"profil": Mohamed Al Jaber dementiert finanzielle Schwierigkeiten

Hotel Schwarzenberg: Volksbanken kündigen Vertrag mit dem saudisch-österreichischen Geschäftsmann

Wien (OTS) - In einem Interview in der Freitag erscheinenden
Ausgabe des Nachrichtenmagazins "profil" nimmt der saudisch-österreichische Unternehmer Mohamed Bin Issa Al Jaber erstmals zur finanziellen Situation seiner Unternehmensgruppe Stellung. "Es geht uns im Vergleich zu anderen gut, wir haben eine Eigenkapitalquote von 80 Prozent.
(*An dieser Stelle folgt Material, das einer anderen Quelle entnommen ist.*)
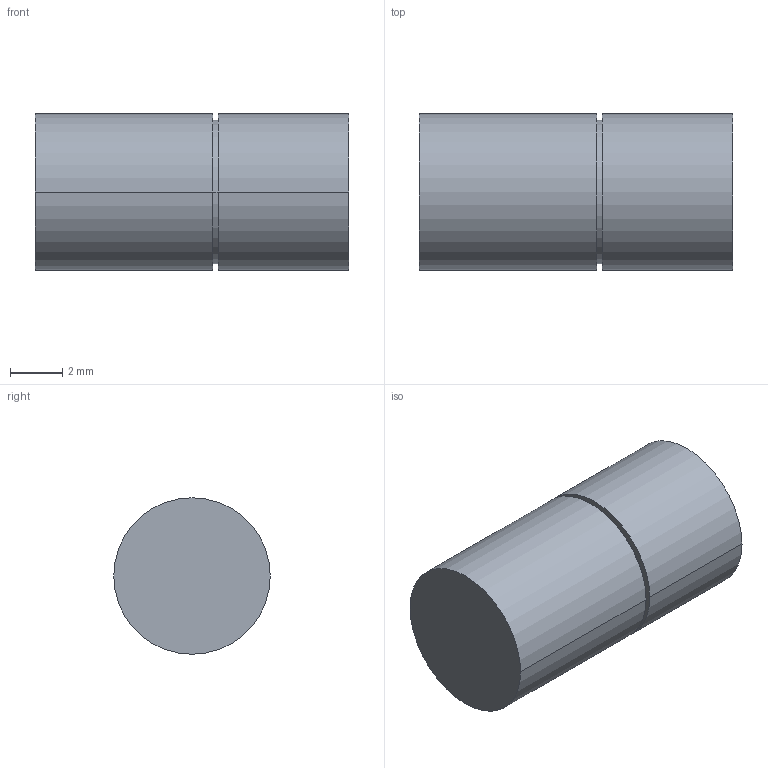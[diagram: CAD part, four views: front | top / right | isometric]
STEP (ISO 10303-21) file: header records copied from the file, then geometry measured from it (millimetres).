
FILE_DESCRIPTION((''),'2;1');
FILE_NAME('S601-02','2006-08-11T',('PAw'),(''),'PRO/ENGINEER BY PARAMETRIC TECHNOLOGY CORPORATION, 2004320','PRO/ENGINEER BY PARAMETRIC TECHNOLOGY CORPORATION, 2004320','');
FILE_SCHEMA(('CONFIG_CONTROL_DESIGN'));
Length unit declared in the file: millimetre
Products named in the file (1): S601-02
Bounding box: 12 x 6 x 6 mm (x, y, z)
Volume: 338.4 mm3; surface area: 291.5 mm2
Topology: 1 solids, 1 shells, 10 faces, 18 edges, 12 vertices
Faces by surface type: cylinder 6, plane 4
Entity records: 292 total; most frequent: DIRECTION 50, CARTESIAN_POINT 40, ORIENTED_EDGE 36, AXIS2_PLACEMENT_3D 22, EDGE_CURVE 18, VERTEX_POINT 12, EDGE_LOOP 12, CIRCLE 12

Unser Gewinn 2010 beträgt mehr als 300 Millionen Dollar", so Al Jaber. Trotzdem will die Volksbanken-Gruppe nach "profil"-Recherchen ihre Geschäftsbeziehungen mit Al Jaber beenden. Die Volksbanken-Tochter Immoconsult ist Pächterin der Immobilie, auf der das Luxushotel Schwarzenberg entstehen soll. Mit 4. April wurde der Vertrag mit der Al-Jaber-Gruppe, die das Hotel entwickeln und betreiben sollte, einseitig aufgekündigt. Der Grund für die Kündigung: Al Jaber soll seinen Finanzierungszusagen nicht nachgekommen sein. Al Jaber dementiert dies im Interview mit "profil": "Heutzutage versuchen alle Finanzinstitute, sich aus ihren Finanzierungszusagen heraus zu schleichen."